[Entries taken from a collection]
───

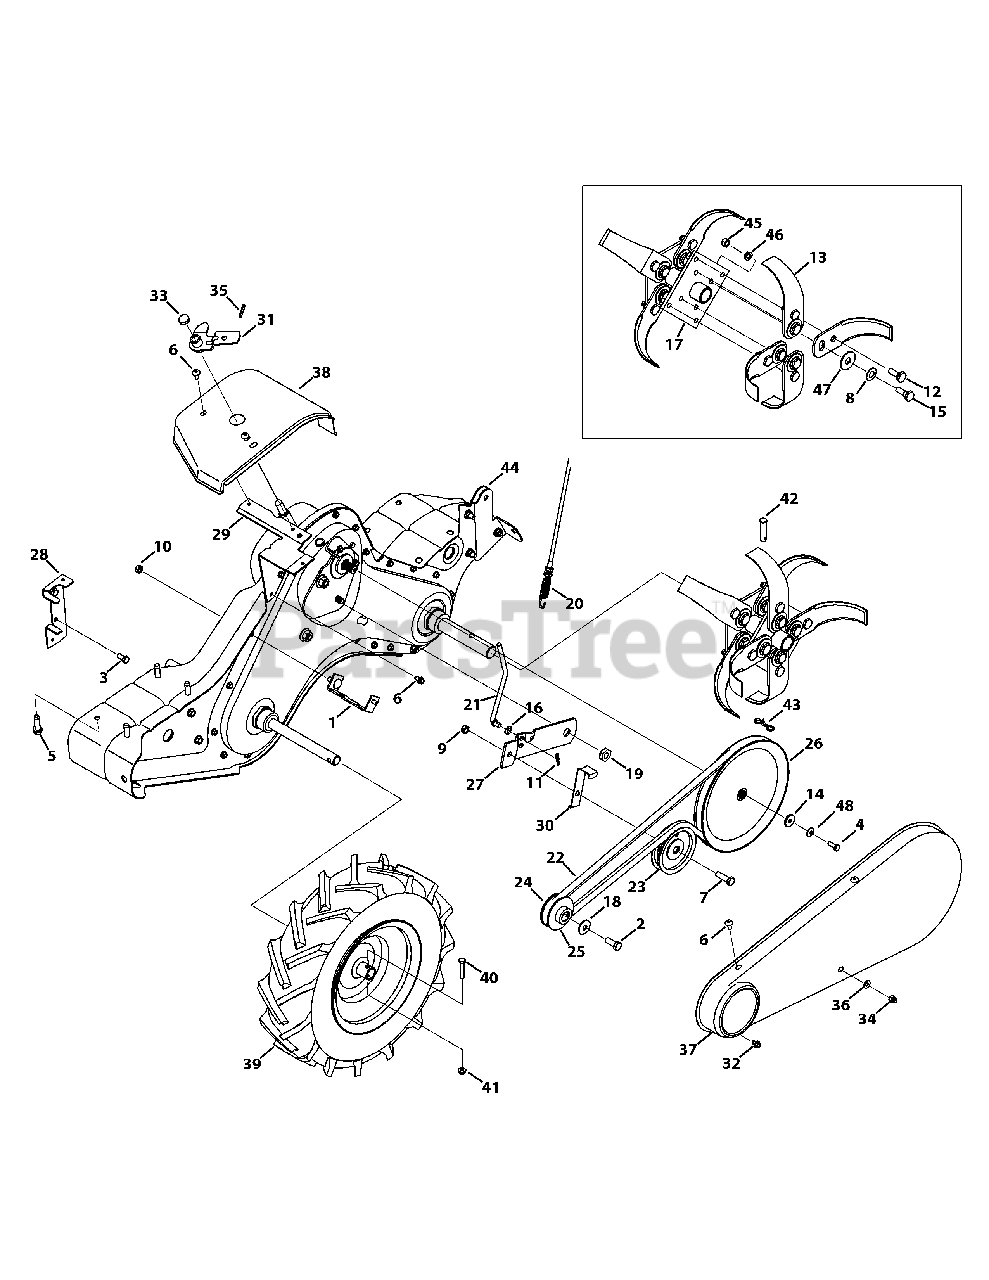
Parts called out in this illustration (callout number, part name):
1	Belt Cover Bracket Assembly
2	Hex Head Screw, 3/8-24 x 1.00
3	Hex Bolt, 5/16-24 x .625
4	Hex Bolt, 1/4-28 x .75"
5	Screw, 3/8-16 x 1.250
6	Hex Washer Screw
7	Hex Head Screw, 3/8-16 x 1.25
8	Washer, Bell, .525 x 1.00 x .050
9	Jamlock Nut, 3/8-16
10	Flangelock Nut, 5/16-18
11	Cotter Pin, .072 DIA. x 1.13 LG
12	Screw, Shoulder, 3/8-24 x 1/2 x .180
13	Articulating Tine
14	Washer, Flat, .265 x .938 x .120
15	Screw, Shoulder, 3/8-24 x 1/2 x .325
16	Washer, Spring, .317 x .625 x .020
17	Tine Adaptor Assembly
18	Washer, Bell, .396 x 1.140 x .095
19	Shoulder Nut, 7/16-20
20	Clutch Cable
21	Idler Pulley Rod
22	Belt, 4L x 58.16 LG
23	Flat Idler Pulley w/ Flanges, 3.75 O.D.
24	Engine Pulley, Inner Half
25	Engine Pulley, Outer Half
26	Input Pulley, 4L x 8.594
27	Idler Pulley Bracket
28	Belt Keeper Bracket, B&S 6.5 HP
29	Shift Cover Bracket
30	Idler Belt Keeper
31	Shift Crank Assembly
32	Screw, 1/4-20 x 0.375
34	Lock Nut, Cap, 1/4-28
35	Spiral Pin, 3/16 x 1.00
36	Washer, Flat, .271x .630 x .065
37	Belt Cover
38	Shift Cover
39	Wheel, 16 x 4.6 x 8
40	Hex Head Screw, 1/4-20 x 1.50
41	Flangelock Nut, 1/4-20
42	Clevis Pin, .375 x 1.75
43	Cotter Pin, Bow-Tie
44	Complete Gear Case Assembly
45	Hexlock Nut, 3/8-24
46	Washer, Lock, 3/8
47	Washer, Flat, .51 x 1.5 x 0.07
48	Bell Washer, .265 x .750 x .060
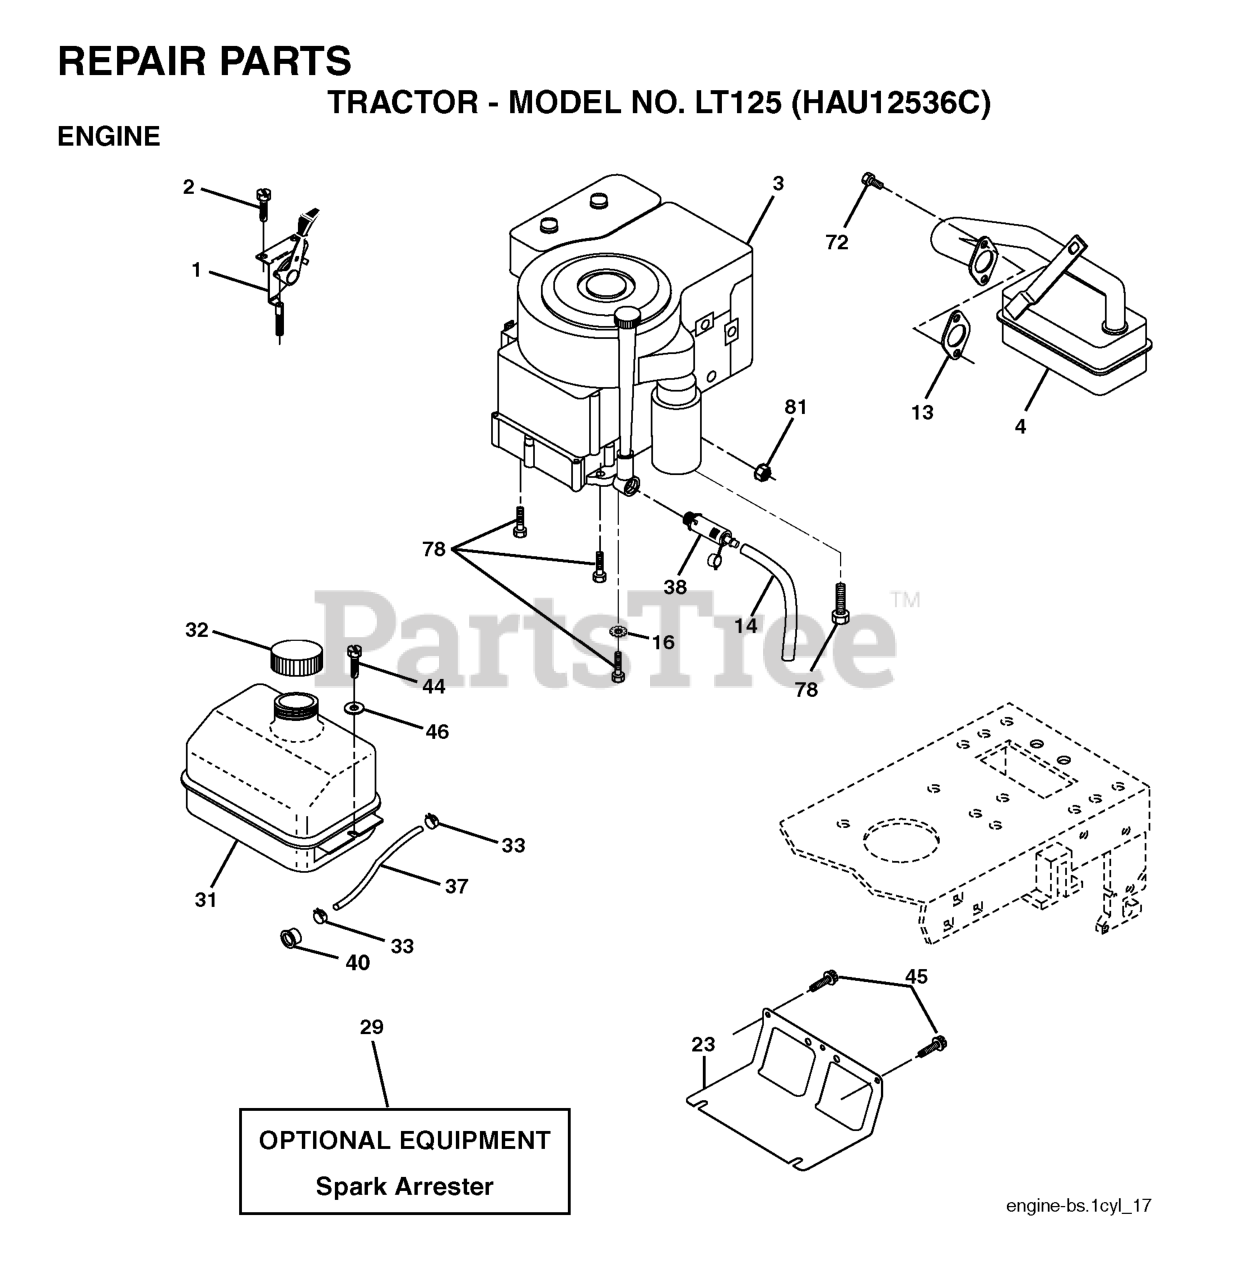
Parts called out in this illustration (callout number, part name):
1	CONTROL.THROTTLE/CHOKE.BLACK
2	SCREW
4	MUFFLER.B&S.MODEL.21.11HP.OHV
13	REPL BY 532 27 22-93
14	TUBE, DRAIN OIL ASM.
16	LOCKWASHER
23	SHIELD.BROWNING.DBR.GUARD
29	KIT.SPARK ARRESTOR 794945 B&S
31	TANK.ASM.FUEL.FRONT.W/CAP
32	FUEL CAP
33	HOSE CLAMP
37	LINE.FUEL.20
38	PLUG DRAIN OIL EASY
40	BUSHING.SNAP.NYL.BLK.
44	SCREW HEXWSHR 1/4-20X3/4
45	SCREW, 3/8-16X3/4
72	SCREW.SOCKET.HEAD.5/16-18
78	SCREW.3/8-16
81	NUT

───

Only lines with the word "Bolt" are wanted. Find and copy them from the records above.

3	Hex Bolt, 5/16-24 x .625
4	Hex Bolt, 1/4-28 x .75"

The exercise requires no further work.